▸ Given data:
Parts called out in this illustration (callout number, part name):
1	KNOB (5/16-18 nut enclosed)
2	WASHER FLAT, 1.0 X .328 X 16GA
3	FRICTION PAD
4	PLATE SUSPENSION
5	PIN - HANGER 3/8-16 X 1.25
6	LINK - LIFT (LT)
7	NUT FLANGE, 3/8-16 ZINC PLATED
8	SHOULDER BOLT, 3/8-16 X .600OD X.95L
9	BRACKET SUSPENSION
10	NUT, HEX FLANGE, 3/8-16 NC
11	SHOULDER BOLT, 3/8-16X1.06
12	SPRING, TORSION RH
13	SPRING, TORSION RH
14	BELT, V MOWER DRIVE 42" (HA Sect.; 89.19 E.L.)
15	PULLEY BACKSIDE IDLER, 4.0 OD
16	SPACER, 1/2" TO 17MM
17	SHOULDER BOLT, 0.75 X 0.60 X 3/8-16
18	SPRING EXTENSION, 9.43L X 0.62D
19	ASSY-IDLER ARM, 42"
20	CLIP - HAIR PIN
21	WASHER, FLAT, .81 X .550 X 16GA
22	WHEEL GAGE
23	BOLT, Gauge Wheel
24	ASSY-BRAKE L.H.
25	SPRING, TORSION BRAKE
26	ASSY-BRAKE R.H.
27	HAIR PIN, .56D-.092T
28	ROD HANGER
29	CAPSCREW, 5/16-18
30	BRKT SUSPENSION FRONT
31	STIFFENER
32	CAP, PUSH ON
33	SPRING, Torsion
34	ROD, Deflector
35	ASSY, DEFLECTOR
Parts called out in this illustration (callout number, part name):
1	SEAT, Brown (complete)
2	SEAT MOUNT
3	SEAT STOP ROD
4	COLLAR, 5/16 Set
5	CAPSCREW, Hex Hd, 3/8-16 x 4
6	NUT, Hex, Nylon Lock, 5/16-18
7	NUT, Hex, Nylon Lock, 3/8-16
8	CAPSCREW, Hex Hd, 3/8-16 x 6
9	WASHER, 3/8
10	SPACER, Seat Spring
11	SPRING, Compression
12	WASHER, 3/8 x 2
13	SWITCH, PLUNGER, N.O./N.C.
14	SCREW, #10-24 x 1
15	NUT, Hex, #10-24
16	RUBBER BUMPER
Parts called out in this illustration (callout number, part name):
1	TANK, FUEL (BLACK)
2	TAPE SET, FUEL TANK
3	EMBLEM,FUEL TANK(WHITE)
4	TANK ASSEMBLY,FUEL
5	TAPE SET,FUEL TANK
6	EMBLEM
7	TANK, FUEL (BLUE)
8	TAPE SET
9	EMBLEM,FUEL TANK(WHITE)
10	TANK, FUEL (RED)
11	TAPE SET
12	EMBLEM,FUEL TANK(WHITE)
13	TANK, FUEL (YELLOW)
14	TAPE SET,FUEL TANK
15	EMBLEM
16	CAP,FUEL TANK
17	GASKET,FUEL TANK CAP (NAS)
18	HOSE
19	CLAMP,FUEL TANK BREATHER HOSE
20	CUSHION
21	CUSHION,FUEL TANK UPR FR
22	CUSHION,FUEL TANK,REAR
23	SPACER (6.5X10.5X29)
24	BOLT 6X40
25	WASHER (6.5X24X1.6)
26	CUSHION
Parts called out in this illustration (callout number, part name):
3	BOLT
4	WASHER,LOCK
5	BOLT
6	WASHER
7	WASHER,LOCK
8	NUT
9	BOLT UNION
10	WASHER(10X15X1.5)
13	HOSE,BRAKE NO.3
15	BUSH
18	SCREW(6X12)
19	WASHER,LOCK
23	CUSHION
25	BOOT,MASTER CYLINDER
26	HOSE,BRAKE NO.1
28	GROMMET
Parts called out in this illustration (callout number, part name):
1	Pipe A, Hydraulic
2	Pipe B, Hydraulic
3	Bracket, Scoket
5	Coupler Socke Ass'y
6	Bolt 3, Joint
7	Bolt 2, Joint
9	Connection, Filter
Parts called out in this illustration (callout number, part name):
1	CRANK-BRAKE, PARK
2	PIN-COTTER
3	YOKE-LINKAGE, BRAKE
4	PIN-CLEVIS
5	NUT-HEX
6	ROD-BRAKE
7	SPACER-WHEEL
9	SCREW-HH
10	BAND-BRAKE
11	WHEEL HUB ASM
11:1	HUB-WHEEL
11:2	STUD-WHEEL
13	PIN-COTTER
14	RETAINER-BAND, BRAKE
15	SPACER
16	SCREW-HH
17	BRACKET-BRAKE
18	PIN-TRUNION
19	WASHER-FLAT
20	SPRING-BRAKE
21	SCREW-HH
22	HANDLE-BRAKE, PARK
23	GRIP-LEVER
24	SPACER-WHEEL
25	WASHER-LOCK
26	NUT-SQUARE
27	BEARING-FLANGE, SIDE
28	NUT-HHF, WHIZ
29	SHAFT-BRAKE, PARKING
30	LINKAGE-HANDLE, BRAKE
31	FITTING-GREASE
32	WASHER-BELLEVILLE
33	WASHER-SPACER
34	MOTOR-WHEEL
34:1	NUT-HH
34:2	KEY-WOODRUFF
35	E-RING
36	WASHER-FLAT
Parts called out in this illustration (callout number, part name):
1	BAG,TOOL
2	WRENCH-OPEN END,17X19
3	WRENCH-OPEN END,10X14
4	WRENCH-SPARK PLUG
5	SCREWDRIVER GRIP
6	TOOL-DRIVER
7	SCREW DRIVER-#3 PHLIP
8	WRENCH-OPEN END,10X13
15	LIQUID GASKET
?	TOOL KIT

▸ Exercise aim: Search the material for the word "FLANGE" and copy each line where it occurs.

▸ Answer section:
7	NUT FLANGE, 3/8-16 ZINC PLATED
10	NUT, HEX FLANGE, 3/8-16 NC
27	BEARING-FLANGE, SIDE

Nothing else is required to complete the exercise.